D’a : La loi MOP n’ayant pas été jusqu’à indiquer qu’il fallait se limiter à cela, les choses ont ensuite évolué…
Cela a suscité quelques difficultés de compréhension de la part de maîtres d’ouvrage occasionnels qui voyaient dans l’esquisse un simple dessin et non pas une première étape de conception très sérieuse. Frustrés par ce niveau de rendu, certains voulaient en savoir plus. La MIQCP a donc fait passer un décret (n° 93-1268 du 29 novembre 1993) et un arrêté (du 21 décembre 1993) précisant les échelles et le contenu précis des éléments de mission de la loi MOP.
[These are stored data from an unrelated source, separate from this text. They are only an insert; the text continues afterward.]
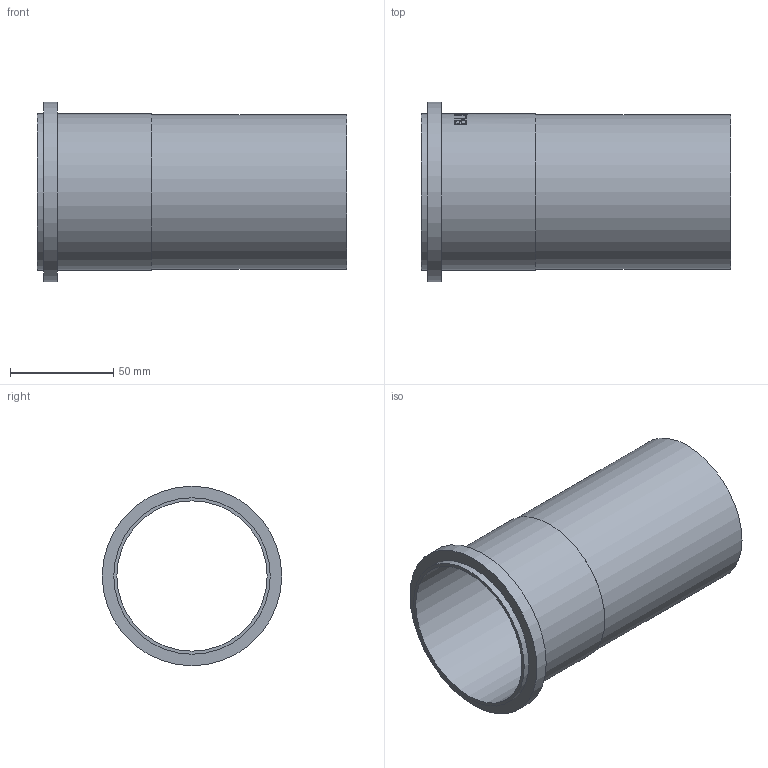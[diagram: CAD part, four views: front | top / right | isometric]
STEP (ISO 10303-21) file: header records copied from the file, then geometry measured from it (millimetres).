
FILE_DESCRIPTION((''),'2;1');
FILE_NAME('I:\WATTS\3D_CAD\3D_CAD_Models\Blucher_Drains\P_StraightPipe\WebsiteFiles\3D\STEP\P3-0.5-316.stp','2009-12-02T13:32:11',('menesek'),(''),'Autodesk Inventor 2010','Autodesk Inventor 2010','');
FILE_SCHEMA(('AUTOMOTIVE_DESIGN { 1 0 10303 214 1 1 1 1 }'));
Length unit declared in the file: inch
Products named in the file (1): P3-0.5-316
Bounding box: 150 x 87.12 x 87.12 mm (x, y, z)
Volume: 51122.8 mm3; surface area: 73693.3 mm2
Topology: 1 solids, 1 shells, 109 faces, 285 edges, 190 vertices
Faces by surface type: plane 59, bspline 34, cylinder 16
Full cylindrical faces by diameter (mm): 72.898 x1, 74.93 x1, 75.946 x2, 87.122 x1
Entity records: 13765 total; most frequent: CARTESIAN_POINT 11387, ORIENTED_EDGE 548, DIRECTION 356, EDGE_CURVE 274, VERTEX_POINT 186, EDGE_LOOP 128, AXIS2_PLACEMENT_3D 120, VECTOR 116
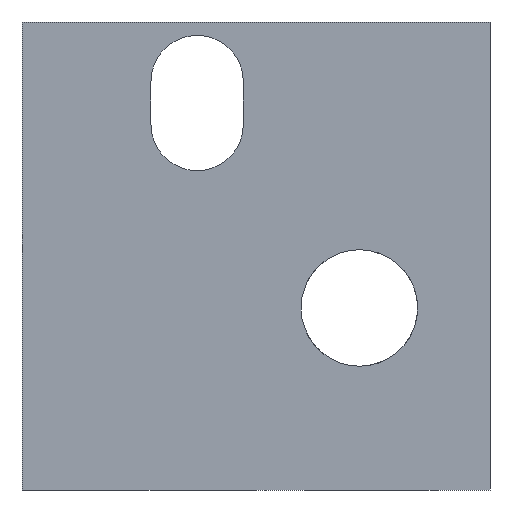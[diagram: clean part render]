
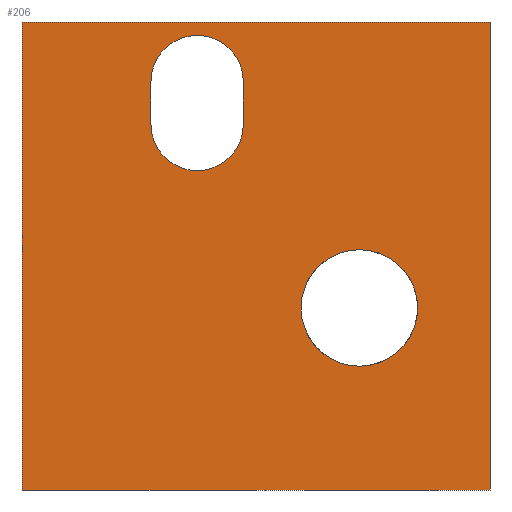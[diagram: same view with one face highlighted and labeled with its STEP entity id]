
A CAD part, left-side view. The second image highlights one B-rep face of the part: STEP entity #206.
In plain terms, the highlighted planar face has unit normal (-1, 0, 0).
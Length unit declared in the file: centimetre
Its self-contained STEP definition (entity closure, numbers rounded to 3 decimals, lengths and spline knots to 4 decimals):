
#33 = PLANE ( 'NONE',  #717 ) ;
#58 = CIRCLE ( 'NONE', #1222, 98.718 ) ;
#60 = VERTEX_POINT ( 'NONE', #632 ) ;
#79 = CARTESIAN_POINT ( 'NONE',  ( 0., 625.7632, 781.0131 ) ) ;
#105 = AXIS2_PLACEMENT_3D ( 'NONE', #79, #1473, #207 ) ;
#107 = VERTEX_POINT ( 'NONE', #488 ) ;
#144 = DIRECTION ( 'NONE',  ( 0., 0., -1. ) ) ;
#154 = DIRECTION ( 'NONE',  ( 0., 0., 1. ) ) ;
#160 = ORIENTED_EDGE ( 'NONE', *, *, #176, .F. ) ;
#176 = EDGE_CURVE ( 'NONE', #1459, #739, #1996, .T. ) ;
#184 = CARTESIAN_POINT ( 'NONE',  ( 0., 0., 0. ) ) ;
#201 = VERTEX_POINT ( 'NONE', #812 ) ;
#206 = ADVANCED_FACE ( 'NONE', ( #1608, #1916, #831 ), #33, .F. ) ;
#207 = DIRECTION ( 'NONE',  ( 0., 0., 1. ) ) ;
#212 = VERTEX_POINT ( 'NONE', #655 ) ;
#316 = EDGE_LOOP ( 'NONE', ( #1037, #160 ) ) ;
#330 = CARTESIAN_POINT ( 'NONE',  ( 0., 724.4811, 781.0131 ) ) ;
#334 = CARTESIAN_POINT ( 'NONE',  ( 0., 279.1414, 264.4216 ) ) ;
#370 = CIRCLE ( 'NONE', #499, 98.718 ) ;
#429 = EDGE_CURVE ( 'NONE', #60, #979, #597, .T. ) ;
#454 = AXIS2_PLACEMENT_3D ( 'NONE', #1229, #1568, #154 ) ;
#488 = CARTESIAN_POINT ( 'NONE',  ( 0., 724.4811, 872.6495 ) ) ;
#498 = DIRECTION ( 'NONE',  ( 0., -1., 0. ) ) ;
#499 = AXIS2_PLACEMENT_3D ( 'NONE', #719, #1813, #1035 ) ;
#597 = LINE ( 'NONE', #620, #1284 ) ;
#619 = VERTEX_POINT ( 'NONE', #330 ) ;
#620 = CARTESIAN_POINT ( 'NONE',  ( 0., 1000., 1000. ) ) ;
#632 = CARTESIAN_POINT ( 'NONE',  ( 0., 1000., 1000. ) ) ;
#655 = CARTESIAN_POINT ( 'NONE',  ( 0., 527.0452, 872.6495 ) ) ;
#666 = LINE ( 'NONE', #1433, #1336 ) ;
#674 = DIRECTION ( 'NONE',  ( 0., 0., -1. ) ) ;
#717 = AXIS2_PLACEMENT_3D ( 'NONE', #1431, #1595, #674 ) ;
#719 = CARTESIAN_POINT ( 'NONE',  ( 0., 625.7632, 872.6495 ) ) ;
#739 = VERTEX_POINT ( 'NONE', #1494 ) ;
#793 = EDGE_CURVE ( 'NONE', #1924, #107, #370, .T. ) ;
#796 = LINE ( 'NONE', #944, #1830 ) ;
#801 = ORIENTED_EDGE ( 'NONE', *, *, #1858, .F. ) ;
#805 = DIRECTION ( 'NONE',  ( 0., 0., -1. ) ) ;
#809 = CARTESIAN_POINT ( 'NONE',  ( 0., 625.7632, 872.6495 ) ) ;
#812 = CARTESIAN_POINT ( 'NONE',  ( 0., 1000., 0. ) ) ;
#813 = LINE ( 'NONE', #1761, #1432 ) ;
#831 = FACE_OUTER_BOUND ( 'NONE', #1496, .T. ) ;
#890 = ORIENTED_EDGE ( 'NONE', *, *, #793, .F. ) ;
#897 = DIRECTION ( 'NONE',  ( 0., 0., 1. ) ) ;
#913 = ORIENTED_EDGE ( 'NONE', *, *, #1547, .T. ) ;
#928 = VECTOR ( 'NONE', #498, 100. ) ;
#943 = AXIS2_PLACEMENT_3D ( 'NONE', #1898, #1752, #1563 ) ;
#944 = CARTESIAN_POINT ( 'NONE',  ( 0., 1000., 1000. ) ) ;
#977 = EDGE_LOOP ( 'NONE', ( #1922, #1681, #1508, #890, #801 ) ) ;
#979 = VERTEX_POINT ( 'NONE', #985 ) ;
#985 = CARTESIAN_POINT ( 'NONE',  ( 0., 0., 1000. ) ) ;
#1035 = DIRECTION ( 'NONE',  ( 0., 0., 1. ) ) ;
#1037 = ORIENTED_EDGE ( 'NONE', *, *, #1438, .F. ) ;
#1078 = CIRCLE ( 'NONE', #943, 124.5347 ) ;
#1188 = VERTEX_POINT ( 'NONE', #1355 ) ;
#1207 = ORIENTED_EDGE ( 'NONE', *, *, #1402, .T. ) ;
#1217 = ORIENTED_EDGE ( 'NONE', *, *, #429, .F. ) ;
#1222 = AXIS2_PLACEMENT_3D ( 'NONE', #809, #1271, #897 ) ;
#1229 = CARTESIAN_POINT ( 'NONE',  ( 0., 279.1414, 388.9563 ) ) ;
#1238 = EDGE_CURVE ( 'NONE', #1188, #212, #1676, .T. ) ;
#1271 = DIRECTION ( 'NONE',  ( -1., 0., 0. ) ) ;
#1284 = VECTOR ( 'NONE', #1567, 100. ) ;
#1336 = VECTOR ( 'NONE', #805, 100. ) ;
#1355 = CARTESIAN_POINT ( 'NONE',  ( 0., 527.0452, 781.0131 ) ) ;
#1402 = EDGE_CURVE ( 'NONE', #60, #201, #796, .T. ) ;
#1431 = CARTESIAN_POINT ( 'NONE',  ( 0., 1000., 1000. ) ) ;
#1432 = VECTOR ( 'NONE', #144, 100. ) ;
#1433 = CARTESIAN_POINT ( 'NONE',  ( 0., 0., 1000. ) ) ;
#1438 = EDGE_CURVE ( 'NONE', #739, #1459, #1078, .T. ) ;
#1459 = VERTEX_POINT ( 'NONE', #334 ) ;
#1473 = DIRECTION ( 'NONE',  ( -1., 0., 0. ) ) ;
#1494 = CARTESIAN_POINT ( 'NONE',  ( 0., 279.1414, 513.491 ) ) ;
#1496 = EDGE_LOOP ( 'NONE', ( #913, #1501, #1217, #1207 ) ) ;
#1501 = ORIENTED_EDGE ( 'NONE', *, *, #1518, .F. ) ;
#1508 = ORIENTED_EDGE ( 'NONE', *, *, #1516, .F. ) ;
#1516 = EDGE_CURVE ( 'NONE', #107, #619, #813, .T. ) ;
#1518 = EDGE_CURVE ( 'NONE', #979, #1519, #666, .T. ) ;
#1519 = VERTEX_POINT ( 'NONE', #184 ) ;
#1547 = EDGE_CURVE ( 'NONE', #201, #1519, #1919, .T. ) ;
#1563 = DIRECTION ( 'NONE',  ( 0., 0., 1. ) ) ;
#1567 = DIRECTION ( 'NONE',  ( 0., -1., 0. ) ) ;
#1568 = DIRECTION ( 'NONE',  ( -1., 0., 0. ) ) ;
#1586 = VECTOR ( 'NONE', #2019, 100. ) ;
#1595 = DIRECTION ( 'NONE',  ( 1., 0., 0. ) ) ;
#1608 = FACE_BOUND ( 'NONE', #316, .T. ) ;
#1676 = LINE ( 'NONE', #1850, #1586 ) ;
#1681 = ORIENTED_EDGE ( 'NONE', *, *, #1788, .F. ) ;
#1722 = DIRECTION ( 'NONE',  ( 0., 0., -1. ) ) ;
#1752 = DIRECTION ( 'NONE',  ( -1., 0., 0. ) ) ;
#1761 = CARTESIAN_POINT ( 'NONE',  ( 0., 724.4811, 872.6495 ) ) ;
#1788 = EDGE_CURVE ( 'NONE', #619, #1188, #1817, .T. ) ;
#1813 = DIRECTION ( 'NONE',  ( -1., 0., 0. ) ) ;
#1817 = CIRCLE ( 'NONE', #105, 98.718 ) ;
#1830 = VECTOR ( 'NONE', #1722, 100. ) ;
#1850 = CARTESIAN_POINT ( 'NONE',  ( 0., 527.0452, 781.0131 ) ) ;
#1858 = EDGE_CURVE ( 'NONE', #212, #1924, #58, .T. ) ;
#1898 = CARTESIAN_POINT ( 'NONE',  ( 0., 279.1414, 388.9563 ) ) ;
#1907 = CARTESIAN_POINT ( 'NONE',  ( 0., 1000., 0. ) ) ;
#1916 = FACE_BOUND ( 'NONE', #977, .T. ) ;
#1919 = LINE ( 'NONE', #1907, #928 ) ;
#1922 = ORIENTED_EDGE ( 'NONE', *, *, #1238, .F. ) ;
#1924 = VERTEX_POINT ( 'NONE', #1994 ) ;
#1994 = CARTESIAN_POINT ( 'NONE',  ( 0., 625.7632, 971.3675 ) ) ;
#1996 = CIRCLE ( 'NONE', #454, 124.5347 ) ;
#2019 = DIRECTION ( 'NONE',  ( 0., 0., 1. ) ) ;

Les maîtres d’ouvrage ont ensuite souhaité disposer de plus d’informations sur les projets. La MIQCP, qui n’est pas favorable aux concours sur APS, a donc défini – sans décret – ce que pouvait être une « esquisse + », état de rendu intermédiaire entre une esquisse et des prestations de type APS. Ce dispositif qui n’existe pas juridiquement satisfait les maîtres d’ouvrage. Dans leurs règlements de concours, beaucoup la demandent sans qu’elle soit normée, d’où une différence entre l’histoire des concours et le droit qui les régit.
Jusqu’en 2008, date de mon arrivée à la MIQCP, tout cela fonctionnait à peu près. Les maîtres d’œuvre comprenaient ces attentes et des primes correctes les rétribuaient. Nous avions toutefois le sentiment qu’une vigilance s’imposait face aux risques de dérives, notamment avec le recours à des assistants à maîtres d’ouvrage et la complexification des exigences réglementaires, en particulier liées aux nouvelles réglementations thermiques.
D’a : Assiste-t-on à une demande inflationniste des exigences des maîtres d’ouvrage sur le plan technique ou en matière d’économie d’énergie et de normes environnementales ?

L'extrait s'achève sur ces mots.